# Rosie is going to boot camp.



## SilverBeat (Jan 16, 2011)

I have thought a lot about this, since I started volunteering at the dog rescue. 
We have a senior beagle/hound mix named Rosie. I say senior because she acts like she is 16, not 6. I have only known her for 3 months but man oh man, do I feel sorry for her. She's been at the rescue since the early summer of '10. When she came in, this is what she looked like: Petfinder Adoptable Dog | Hound | Manlius, NY | Rosie (second photo)
You don't want to see a photo of her now. She is a meatball with paws [not legs, just paws]. She is SO FAT.. she's probably gained 15-20lbs since that photo. She NEEDS a foster home so bad, they are just killing her at the rescue! Some days she doesn't go out for a single walk. The other dogs go out 4-6 times a day.
So I've decided, IF she's still there at the end of March [please please let someone get her into a foster home...!], and IF I can get transportation for me, my future pooch, and Miss Rosie, she'll be coming up to the farm with me for 2 weeks or so, and I'm going to do everything in my power to improve her quality of life by twentyfold.
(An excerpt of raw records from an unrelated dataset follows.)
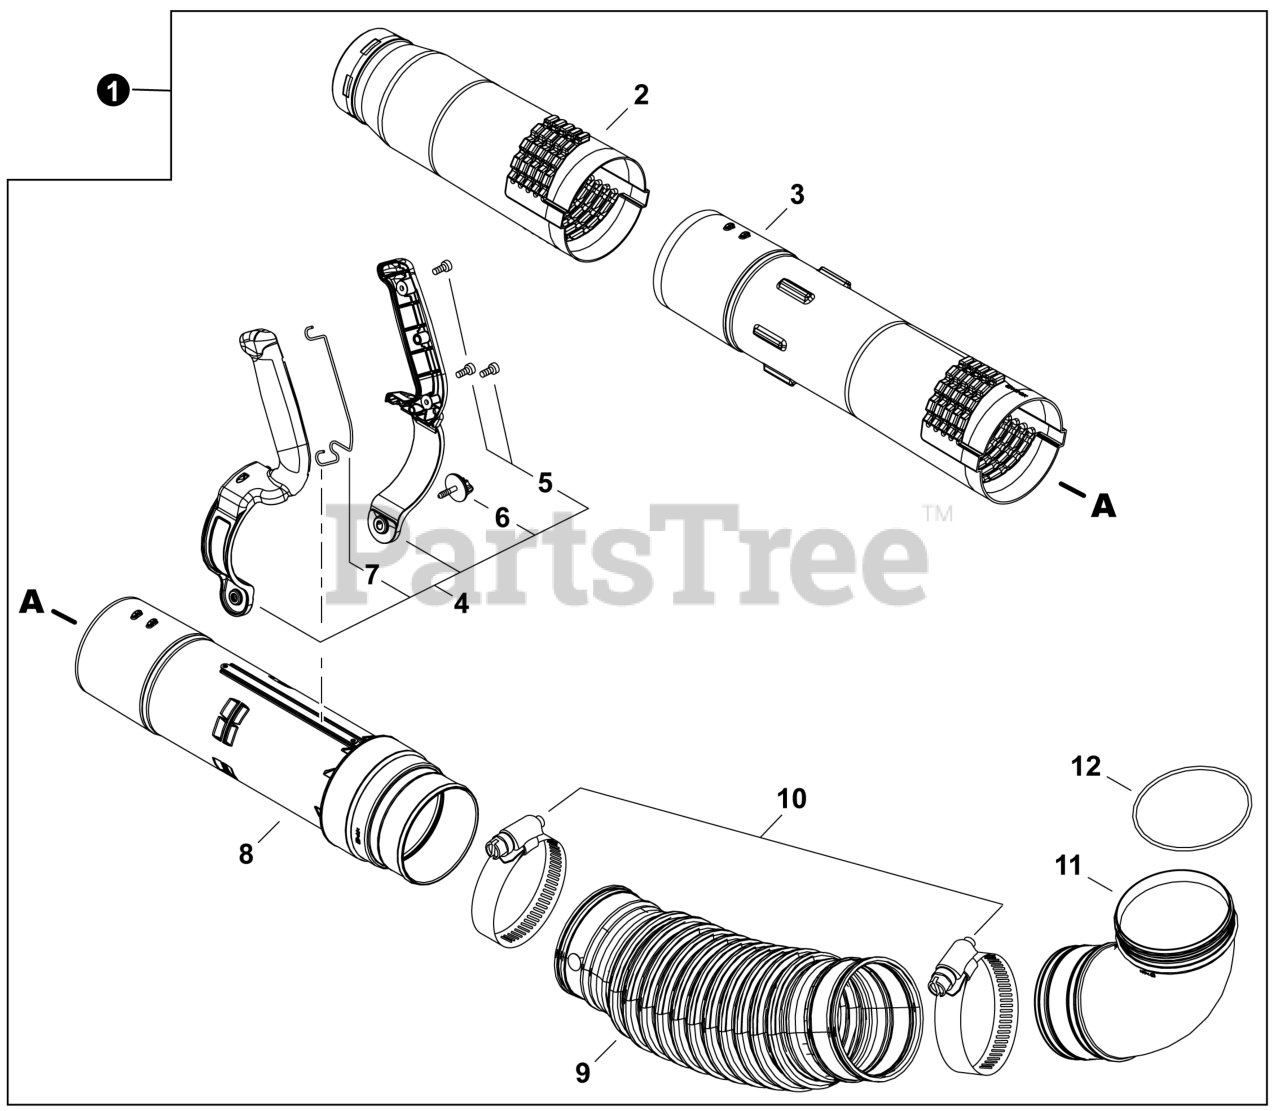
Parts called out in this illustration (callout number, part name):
1	TUBE KIT, BLOWER, HIP MOUNT
2	TUBE, BLOWER - NOZZLE
3	TUBE, BLOWER - STRAIGHT
4	HANDLE KIT - BLOWER TUBE
5	BOLT, TORX 4x12
6	KNOB, FASTENER
7	PLATE, GROUND
8	TUBE, BLOWER - SWIVEL
9	TUBE, BLOWER - FLEXIBLE
10	CLAMP - BAND
11	TUBE, BLOWER - ELBOW

...here come the fat jokes: Anybody got a flatbed I can borrow?

My personal favorites: "Amy, you hold the door while Miriam and I roll her out."

[from a potential adopter's son:] "The dog we were walking is sleeping in the parking lot!"


----------



## Mia (Oct 4, 2010)

I think it is wonderful you want to help. Don't let anyone discourage you. When I brought one of my labs home he was like a marshmallow. Honestly. I was so worried about his weight. Now he is lean and slender. Beautiful dog. Keep your chin up. I will keep you in my prayers that you get this pup! Certainly needs it.


----------



## RachelsaurusRexU (Sep 4, 2010)

It makes me fuming angry that a rescue would allow her to become so grotesquely overweight. They should know better. The people I work with are the same way and I haven't been able to talk a bit of sense into them. We have a chihuahua/peke mix who's been here for MONTHS and is at least twice as heavy as he should be because they give these dogs fast food as treats. Even worse, one of the people here (pretty much the ringleader of the junk feeding) wants to adopt him and take him home to her pack of obese dogs that don't get the slightest bit of exercise. I imagine he'll double in size. 

But I digress...

Good for you. That poor girl needs you!


----------



## DaneMama (Jun 27, 2008)

It's awesome you're helping her....kudos to you!!! You should post peogress photos of her weight loss :thumb:


----------



## cprcheetah (Jul 14, 2010)

Awww poor thing. We have siamese cat right now for adoption whom we've had for quite a while and he is a little butterball....he is about 14# and should probably be 8#, we have him on a diet and he is slowly losing...he just LOVES food too darn much. Ironically his name is Pipsqueak lol.


----------



## SilverBeat (Jan 16, 2011)

RachelsaurusRexU said:


> It makes me fuming angry that a rescue would allow her to become so grotesquely overweight. They should know better.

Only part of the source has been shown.